R' U' F U' B2 U' B2 R2 U2 B2 U' L2 U' R' B F2 L' R U' R' B' L' U' R' U' F

R' U' F U2 B2 L' R F2 L' U2 L' R2 D' R' F D U2 L2 D2 B' L' R' U' F


----------



## cubeshepherd (Apr 8, 2018)

Duncan Bannon said:


> Up to 3 cubes and stickers are fine (WCA rules).


If I do not have stickers, is using tape fine instead? I do not see it being a problem, but I just wanted to check before I use it. Thanks!


----------



## Duncan Bannon (Apr 8, 2018)

For sure!


----------



## One Wheel (Apr 9, 2018)

Duncan Bannon said:


> I will post 1 scramble every Saturday.



Why not 3? FMC means count, and if somebody wanted to do only 1 that could count too (although I would set the number of solves to "graduate" higher: at least Mo5, maybe Ao12.


----------



## Duncan Bannon (Apr 9, 2018)

One Wheel said:


> Why not 3? FMC means count, and if somebody wanted to do only 1 that could count too (although I would set the number of solves to "graduate" higher: at least Mo5, maybe Ao12.


The reason I didn't do it that way was because of the large amount of time it would take. Ill add that also.

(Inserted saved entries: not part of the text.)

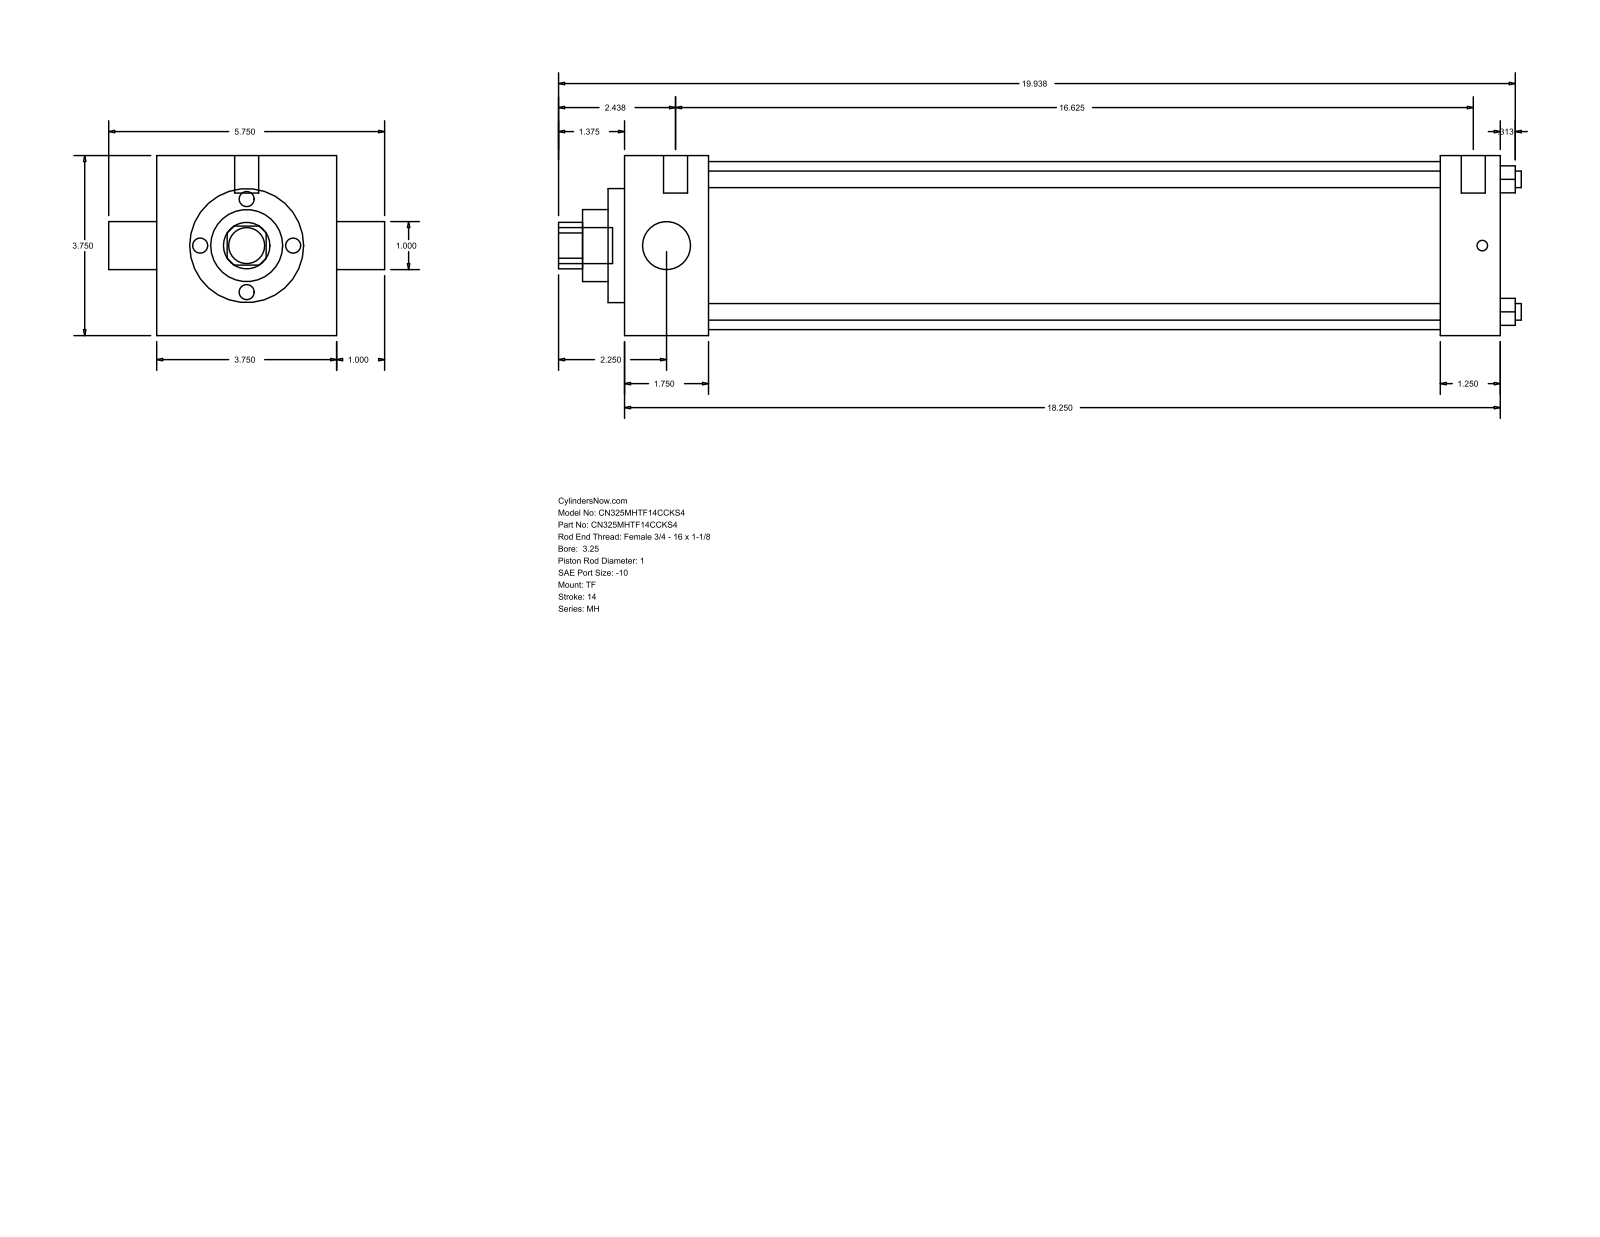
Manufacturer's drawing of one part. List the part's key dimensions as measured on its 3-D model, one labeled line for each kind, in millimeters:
Part name (STEP PRODUCT): MH_TF__0325_1
STEP written by: GSSL Pune (CONFIG_CONTROL_DESIGN)
Units: millimetres
Bodies: 0 solids, 86 faces (61 planar, 25 cylindrical, 0 other)
Overall size (bounding box): 509.59 × 146.05 × 95.25
Round holes (diameter × count): ⌀8.76 ×4, ⌀25.4 ×2, ⌀38.1 ×1, ⌀60.33 ×1, ⌀88.9 ×1
Round bosses / shafts (diameter × count): ⌀5.56 ×3, ⌀12.7 ×2, ⌀19.05 ×1
Partial cylindrical surfaces — rounded edges, fillets, slot ends (radius × count): R12.29 ×1
Main face-to-face distances: 95.24, 463.56, 44.46, 431.81, 387.35, 419.1, 31.75, 8.73, 53.19, 440.54
Hole centre spacings: 49.57, 70.1, 99.14
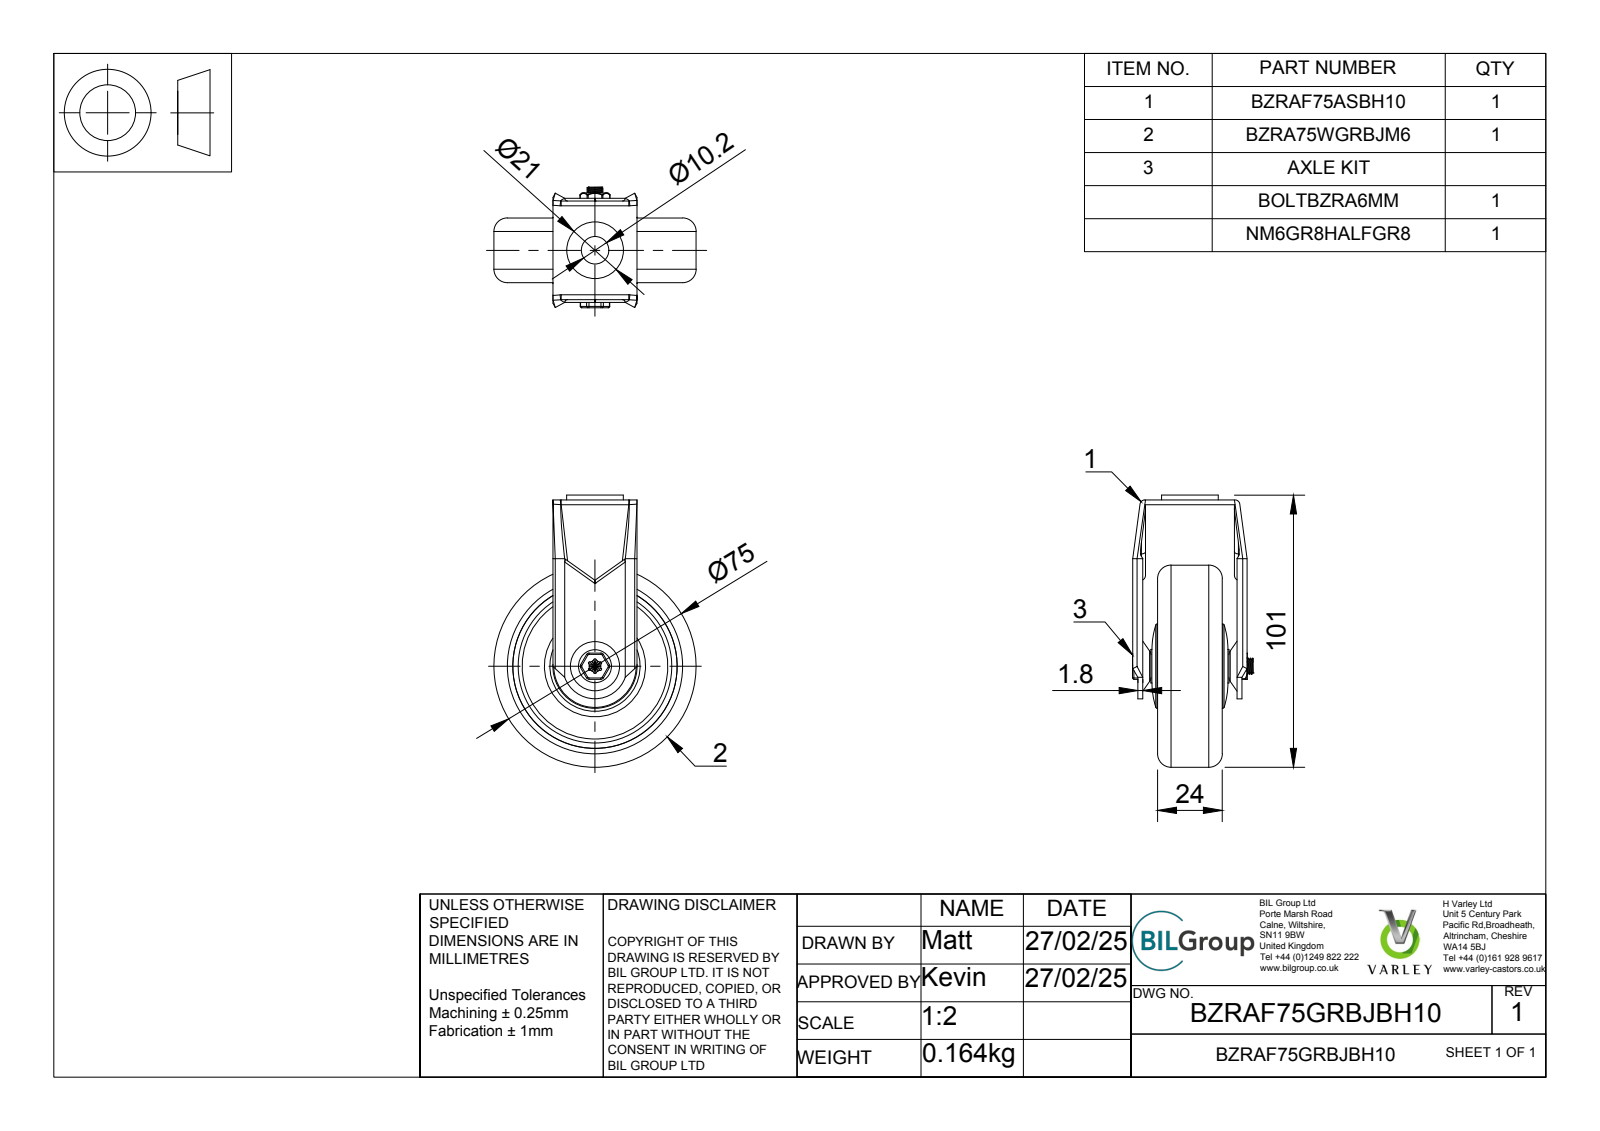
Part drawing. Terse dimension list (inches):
name: BZRAF75GRBJBH10 v2; BZRAF75ASBH10 v1; ZINC PLATED PRESSED STEEL FORKS; BZRA75WGRBJM6 v1 (+7 more)
written by: Autodesk Translation Framework v13.20.0.188 (AP242_MANAGED_MODEL_BASED_3D_ENGINEERING_MIM_LF)
unit: in
bodies: 18 solids, 396 faces (117 planar, 134 cylindrical, 145 other)
size: 3.976 × 2.953 × 1.772
volume: 4.525 in³; area: 82.97 in²
holes: 1× ⌀0.236, 1× ⌀0.24, 1× ⌀0.244, 1× ⌀0.268, 1× ⌀0.315, 1× ⌀0.323, 1× ⌀0.402, 1× ⌀0.415, 1× ⌀0.441, 1× ⌀0.502, 1× ⌀0.72, 1× ⌀0.756
bosses: 1× ⌀2.953, 1× ⌀1.476, 1× ⌀1.23, 1× ⌀1.102, 1× ⌀0.827, 1× ⌀0.736, 1× ⌀0.721, 1× ⌀0.492
rounds: 26× R0.039, 12× R0.02, 8× R0.059, 6× R0.016, 4× R0.039, 2× R0.071, 1× R0.083, 1× R0.469
face distances: 0.071, 0.433, 0.512, 0.039, 1.409, 0.177, 0.344, 0.61, 0.167, 0.217

New rule: If you do a Mo3 every week you graduate if you get 3 in a row. Or it takes 5 in a row to graduate if you only do 1 solve a week.(must do first scramble)

Sound good?


----------



## Duncan Bannon (Apr 15, 2018)

Round 1 Results:
None 

Round 2 Scrambles: Normal rules as above. Ask if you have questions regarding rules.

Round 2 All week:
1. R' U' F U2 D L' B D B2 L' D' L' B' U2 F B2 D2 L2 F' R2 F2 L2 R' U' F
2. R' U' F L' D2 B2 F' U2 F' R2 B' F2 U2 F' D2 R' U' F' R' D2 L' D' B' R' U' F
3. R' U' F U' L' B2 R' U2 L2 D2 L D2 L' D2 B U F2 R' F R' F D' B R' U' F
Round 2 One hour:
1. R' U' F L' F2 L' B2 F2 D2 L' B2 F2 L' R B U2 L F D F2 R' B2 U R' U' F
2. R' U' F U2 B2 L2 B L2 U2 B' L2 B U2 F2 L R' B' D2 R D R2 F D2 U R' U' F
3. R' U' F D2 R2 D' B2 D' L2 U B2 D' R2 D2 L' F' R' U' R2 U2 B U' L R' U' F


----------



## cubeshepherd (Jun 5, 2018)

Duncan Bannon said:


> R' U' F L' F2 L' B2 F2 D2 L' B2 F2 L' R B U2 L F D F2 R' B2 U R' U' F


Hopefully these scrambles are still good, because I just did the first one for the "One hour limit". It is a pretty self-explanatory solution and it was also my back up in case I ran out of time (like I did) so I think that I could have gotten sub 35 or so if I had the time, but in the end it is not to bad.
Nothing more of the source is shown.